INSTRUCTIONS FOR THE TASK: Write out only the lines from the start of the entries up to and including the line with "doc.layers.add(name, color=color, linetype=linetype)"; please skip the pictures.

==== TASK INPUT

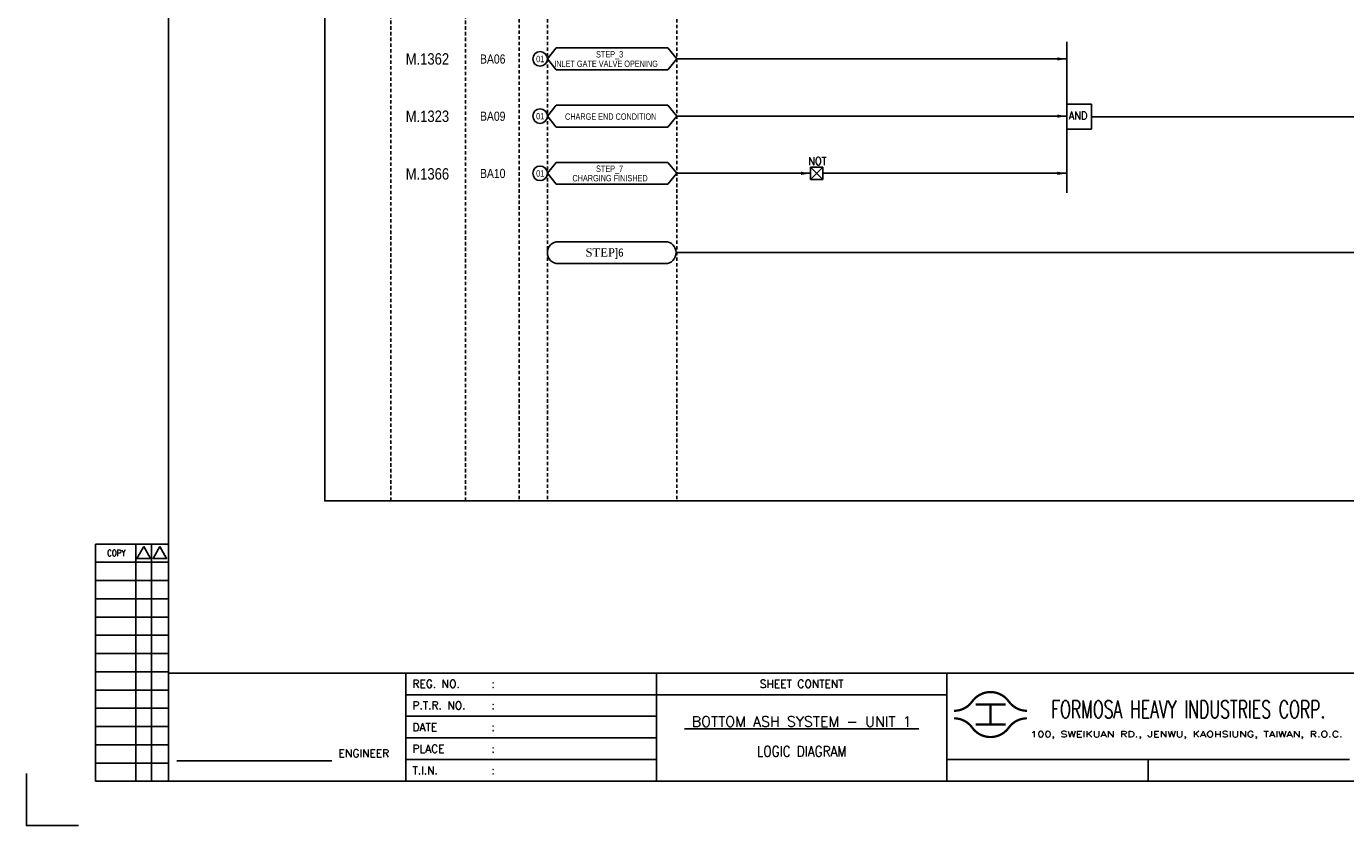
# Model space of a CAD drawing. Extents: x 1764 to 2730, y 388 to 1070.
# Tile 1 of 4: x 1764 to 2345, y 388 to 740. Entities that reach past the tile are written whole.
import ezdxf
from ezdxf.enums import TextEntityAlignment as Align

# ---------------------------------------------------------------- set-up
doc = ezdxf.new("R2010")
doc.units = 0
doc.header["$MEASUREMENT"] = 0
doc.linetypes.add('HIDDEN', pattern=[4, 1.5, -1, 1.5])
doc.layers.get('0').update_dxf_attribs({"linetype": 'CONTINUOUS'})
doc.layers.get('DEFPOINTS').update_dxf_attribs({"linetype": 'CONTINUOUS'})
for name, color, linetype in [('CON', 4, 'CONTINUOUS'), ('DCS', 7, 'CONTINUOUS'), ('DIM', 3, 'CONTINUOUS'), ('HID', 2, 'HIDDEN'), ('TEXT', 7, 'CONTINUOUS'), ('圖框CON', 4, 'CONTINUOUS'), ('圖框DIM', 3, 'CONTINUOUS'), ('框線', 6, 'CONTINUOUS')]:
    doc.layers.add(name, color=color, linetype=linetype)
doc.styles.add('E4', font='simplex.shx', dxfattribs={"height": 4})
doc.styles.add('ROMANS', font='romans', dxfattribs={"width": 0.8})
doc.styles.add('style3', font='ARIALN.TTF')

# ---------------------------------------------------------------- blocks, each defined once
blk = doc.blocks.new('LEADER')
at = {"layer": 'CON'}
blk.add_solid([(0.85, -0.57), (0.85, -1.57), (3.85, -1.07)], dxfattribs=at)
blk = doc.blocks.new('Sht_Cont_T3')
at = {"layer": 'TEXT', "color": 3, "linetype": 'Continuous', "style": 'E4'}
for tag, p in [('$SHT_CONT_L1$', (55.63, 24.91)), ('$SHT_CONT_L2$', (55.63, 16.61)), ('$SHT_CONT_L3$', (55.63, 8.3))]:
    blk.add_attdef(tag, text='', height=4, dxfattribs=at).set_placement(p, align=Align.MIDDLE)
blk = doc.blocks.new('1')
at = {"ltscale": 500, "const_width": 0.99}
blk.add_lwpolyline([(1686.83, 57.65, -0.241531), (1678.79, 61.78, 0.512989), (1662.7, 61.78, -0.241531), (1654.66, 57.65, -0.241531)], format="xyb", dxfattribs=at)
for points in [[(1664.14, 60.4), (1677.35, 60.4)], [(1670.74, 60.4), (1670.74, 51.6)], [(1664.14, 51.6), (1677.35, 51.6)]]:
    blk.add_lwpolyline(points, dxfattribs=at)
at = {"const_width": 0.99}
blk.add_lwpolyline([(1686.83, 54.35, 0.241531), (1678.79, 50.22, -0.512989), (1662.7, 50.22, 0.241531), (1654.66, 54.35, 0.241531)], format="xyb", dxfattribs=at)
at = {"layer": 'CON'}
for points in [[(1523.67, 26.6), (1523.67, 74.29)], [(1651.45, 26.6), (1651.45, 74.29)]]:
    blk.add_lwpolyline(points, dxfattribs=at)
at = {"layer": 'CON', "ltscale": 500}
for points in [[(1523.67, 64.75), (1413.11, 64.75)], [(1651.45, 64.75), (1523.67, 64.75)], [(1523.67, 55.22), (1413.11, 55.22)], [(1523.67, 45.69), (1413.11, 45.69)], [(1523.67, 36.15), (1413.11, 36.15)]]:
    blk.add_lwpolyline(points, dxfattribs=at)
at = {"layer": 'DEFPOINTS'}
blk.add_lwpolyline([(1268.99, 7.08), (1246.02, 7.08), (1246.02, 30.05)], dxfattribs=at)
at = {"layer": 'DIM'}
for p, q in [((1276.46, 131.12), (1276.46, 26.6)), ((1276.46, 131.12), (1308.62, 131.12)), ((1294.26, 26.6), (1294.26, 131.12)), ((1301.15, 26.6), (1301.15, 131.12)), ((1276.46, 123.08), (1308.62, 123.08)), ((1276.46, 115.04), (1308.62, 115.04)), ((1276.46, 107), (1308.62, 107)), ((1276.46, 98.96), (1308.62, 98.96)), ((1276.46, 90.92), (1308.62, 90.92)), ((1276.46, 82.88), (1308.62, 82.88)), ((1276.46, 74.84), (1308.62, 74.84)), ((1276.46, 66.8), (1308.62, 66.8)), ((1276.46, 58.76), (1308.62, 58.76)), ((1276.46, 50.72), (1308.62, 50.72)), ((1276.46, 42.68), (1308.62, 42.68)), ((1276.46, 34.64), (1308.62, 34.64)), ((1276.46, 26.6), (1308.62, 26.6))]:
    blk.add_line(p, q, dxfattribs=at)
for points in [[(1297.7, 129.98), (1294.72, 124.81), (1300.69, 124.81)], [(1304.83, 129.98), (1301.84, 124.81), (1307.81, 124.81)]]:
    blk.add_lwpolyline(points, close=True, dxfattribs=at)
at = {"layer": '圖框CON'}
blk.add_line((1740.17, 36.15), (1740.17, 26.6), dxfattribs=at)
for points in [[(1413.11, 26.6), (1413.11, 74.29)], [(1828.89, 36.15), (1802.67, 36.15), (1651.45, 36.15)]]:
    blk.add_lwpolyline(points, dxfattribs=at)
at = {"layer": '圖框DIM'}
blk.add_line((1312.36, 35.55), (1380.65, 35.55), dxfattribs=at)
at = {"layer": '框線'}
for p, q in [((1308.62, 669.81), (1308.62, 26.6)), ((2181.53, 74.29), (1308.62, 74.29)), ((2181.53, 26.6), (1308.62, 26.6))]:
    blk.add_line(p, q, dxfattribs=at)
at = {"color": 90, "ltscale": 500, "style": 'ROMANS', "width": 0.65}
blk.add_text('FORMOSA HEAVY INDUSTRIES CORP.', height=7.7366, dxfattribs=at).set_placement((1757.9, 58.28), align=Align.MIDDLE)
at = {"layer": 'DIM', "style": 'ROMANS', "width": 0.8}
blk.add_text('COPY', height=2.871, dxfattribs=at).set_placement((1285.64, 127.16), align=Align.MIDDLE)
at = {"layer": 'HID', "ltscale": 500, "style": 'ROMANS'}
for s, height, p in [('REG. NO.', 3.446, (1416.1, 69.52)), (':', 3.45, (1450.9, 69.52)), ('P.T.R. NO.', 3.446, (1416.1, 59.99)), (':', 3.45, (1450.9, 59.99)), ('DATE', 3.446, (1416.1, 50.45)), (':', 3.45, (1450.9, 50.45)), ('PLACE', 3.446, (1416.1, 40.92)), (':', 3.45, (1450.9, 40.92)), ('T.I.N.', 3.446, (1416.1, 31.37)), (':', 3.45, (1450.9, 31.39))]:
    blk.add_text(s, height=height, dxfattribs=at).set_placement(p, align=Align.MIDDLE_LEFT)
blk.add_text('SHEET CONTENT', height=3.4457, dxfattribs=at).set_placement((1587.56, 69.52), align=Align.MIDDLE)
at = {"layer": 'HID', "style": 'ROMANS', "width": 1.216198}
blk.add_text('100, SWEIKUAN RD., JENWU, KAOHSIUNG, TAIWAN, R.O.C.', height=2.5897, dxfattribs=at).set_placement((1688.31, 46.06), (1825.84, 46.06), align=Align.FIT)
at = {"layer": 'HID', "style": 'ROMANS'}
blk.add_text('ENGINEER', height=3.446, dxfattribs=at).set_placement((1394.71, 37.18), align=Align.CENTER)

msp = doc.modelspace()

# ---------------------------------------------------------------- linework, layer by layer
at = {"layer": 'CON', "color": 6}
for p, q in [((2222.46, 733.2), (2222.46, 666.67)), ((1993.61, 725.7), (1997.51, 730.51)), ((2046.65, 730.51), (1997.51, 730.51)), ((2050.55, 725.7), (2046.65, 730.51)), ((1993.61, 725.7), (1997.51, 720.88)), ((1997.51, 720.88), (2046.65, 720.88)), ((2050.55, 725.7), (2046.65, 720.88)), ((2222.46, 708.01), (2222.46, 718.97)), ((1993.61, 700.5), (1997.51, 705.31)), ((2046.65, 705.31), (1997.51, 705.31)), ((2050.55, 700.5), (2046.65, 705.31)), ((2233.32, 705.71), (2222.46, 705.71)), ((2233.32, 694.75), (2233.32, 705.71)), ((1993.61, 700.5), (1997.51, 695.68)), ((2050.55, 700.5), (2046.65, 695.68)), ((1997.51, 695.68), (2046.65, 695.68)), ((2233.32, 694.75), (2222.46, 694.75)), ((1993.61, 675.3), (1997.51, 680.11)), ((2046.65, 680.11), (1997.51, 680.11)), ((2050.55, 675.3), (2046.65, 680.11)), ((1993.61, 675.3), (1997.51, 670.48)), ((2050.55, 675.3), (2046.65, 670.48)), ((2109.52, 678.03), (2114.98, 672.57)), ((2114.98, 678.03), (2109.52, 672.57)), ((2109.52, 672.57), (2109.52, 678.03)), ((2109.52, 678.03), (2114.98, 678.03)), ((2114.98, 678.03), (2114.98, 672.57)), ((1997.51, 670.48), (2046.65, 670.48)), ((2114.98, 672.57), (2109.52, 672.57)), ((2045.5, 645.16), (1998.43, 645.16)), ((1998.43, 635.53), (2045.5, 635.53))]:
    msp.add_line(p, q, dxfattribs=at)
at = {"layer": 'CON'}
for p, q in [((2050.55, 725.7), (2222.46, 725.7)), ((2050.55, 700.5), (2222.46, 700.5)), ((2495.75, 700.23), (2233.32, 700.23)), ((2050.55, 675.3), (2109.52, 675.3)), ((2114.98, 675.3), (2222.46, 675.3)), ((2495.75, 640.35), (2050.31, 640.35))]:
    msp.add_line(p, q, dxfattribs=at)
msp.add_lwpolyline([(1895.5, 1030.76), (2609.5, 1030.76), (2609.5, 530.96), (1895.5, 530.96)], close=True, dxfattribs=at)
for centre in [(1990.4, 725.7), (1990.4, 700.5), (1990.4, 675.3)]:
    msp.add_circle(centre, 3.21, dxfattribs=at)
at = {"layer": 'CON', "color": 6}
for centre, start, end in [((1998.43, 640.35), 90, 270), ((2045.5, 640.35), 270, 90)]:
    msp.add_arc(centre, 4.82, start, end, dxfattribs=at)
at = {"layer": 'HID'}
for p, q in [((1924.55, 1030.06), (1924.55, 530.96)), ((1957.47, 1030.06), (1957.47, 530.96)), ((1981.19, 1030.76), (1981.19, 530.93)), ((1993.61, 1030.76), (1993.61, 530.93)), ((2050.55, 1030.76), (2050.55, 530.96))]:
    msp.add_line(p, q, dxfattribs=at)

# ---------------------------------------------------------------- block references
msp.add_blockref('1', (518.05, 380.87))
at = {"layer": 'CON', "xscale": 1.4, "yscale": 1.4, "zscale": 1.4}
for p in [(2217.07, 727.19), (2217.07, 701.99), (2104.13, 676.79), (2217.07, 676.79)]:
    msp.add_blockref('LEADER', p, dxfattribs=at)
at = {"layer": 'TEXT', "color": 0}
ref = msp.add_blockref('Sht_Cont_T3', (2041.72, 407.47), dxfattribs=dict(at, xscale=1.148576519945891, yscale=1.148576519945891, zscale=1.148576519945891))
ref.add_attrib('$SHT_CONT_L1$', '%%U BOTTOM ASH SYSTEM - UNIT 1 ', dxfattribs={"color": 3, "linetype": 'Continuous', "height": 4.5943, "style": 'E4'}).set_placement((2105.61, 436.08), align=Align.TOP_CENTER)
ref.add_attrib('$SHT_CONT_L3$', 'LOGIC DIAGRAM', dxfattribs={"color": 3, "linetype": 'Continuous', "height": 4.5943, "style": 'E4', "width": 0.85}).set_placement((2105.61, 417.01), align=Align.BOTTOM_CENTER)

# ---------------------------------------------------------------- texts
at = {"layer": 'CON', "style": 'style3'}
for s, p in [('BA06', (1963.9, 725.65)), ('BA09', (1963.9, 700.45)), ('BA10', (1963.9, 675.25))]:
    msp.add_text(s, height=4, dxfattribs=at).set_placement(p, align=Align.MIDDLE_LEFT)
for s, p in [('01', (1988.64, 723.42)), ('STEP_3', (2015.02, 725.49)), ('INLET GATE VALVE OPENING', (1996.62, 721.32)), ('01', (1988.64, 698.22)), ('CHARGE END CONDITION', (2001.35, 698.04)), ('01', (1988.64, 673.02)), ('CHARGING FINISHED', (2004.62, 670.92)), ('STEP_7', (2015.02, 675.09))]:
    msp.add_text(s, height=2.8, dxfattribs=at).set_placement(p, align=Align.BOTTOM_LEFT)
at = {"layer": 'CON', "style": 'ROMANS', "width": 0.9}
msp.add_text('AND', height=3.5, dxfattribs=at).set_placement((2223.25, 697.91), align=Align.BOTTOM_LEFT)
msp.add_text('NOT', height=3.5, dxfattribs=at).set_placement((2112.53, 680.68), align=Align.MIDDLE)
at = {"layer": 'CON', "insert": (2010.4, 642.27), "char_height": 3.675, "width": 21.98, "attachment_point": 1, "style": 'style3'}
msp.add_mtext('{\\f@Batang|b0|i0|c0|p18;STEP\\fUniversalMath1 BT|b0|i0|c2|p16;]\\f細明體|b0|i0|c136|p49;6}', dxfattribs=at)
at = {"layer": 'DCS', "linetype": 'ByBlock', "style": 'style3'}
for s, p in [('M.1362', (1931.19, 723.19)), ('M.1323', (1931.19, 697.93)), ('M.1366', (1931.19, 672.55))]:
    msp.add_text(s, height=5, dxfattribs=at).set_placement(p)

doc.saveas('drawing.dxf')

========

ANSWER TO THIS EXERCISE:
# Model space of a CAD drawing. Extents: x 1764 to 2730, y 388 to 1070.
# Tile 1 of 4: x 1764 to 2345, y 388 to 740. Entities that reach past the tile are written whole.
import ezdxf
from ezdxf.enums import TextEntityAlignment as Align

# ---------------------------------------------------------------- set-up
doc = ezdxf.new("R2010")
doc.units = 0
doc.header["$MEASUREMENT"] = 0
doc.linetypes.add('HIDDEN', pattern=[4, 1.5, -1, 1.5])
doc.layers.get('0').update_dxf_attribs({"linetype": 'CONTINUOUS'})
doc.layers.get('DEFPOINTS').update_dxf_attribs({"linetype": 'CONTINUOUS'})
for name, color, linetype in [('CON', 4, 'CONTINUOUS'), ('DCS', 7, 'CONTINUOUS'), ('DIM', 3, 'CONTINUOUS'), ('HID', 2, 'HIDDEN'), ('TEXT', 7, 'CONTINUOUS'), ('圖框CON', 4, 'CONTINUOUS'), ('圖框DIM', 3, 'CONTINUOUS'), ('框線', 6, 'CONTINUOUS')]:
    doc.layers.add(name, color=color, linetype=linetype)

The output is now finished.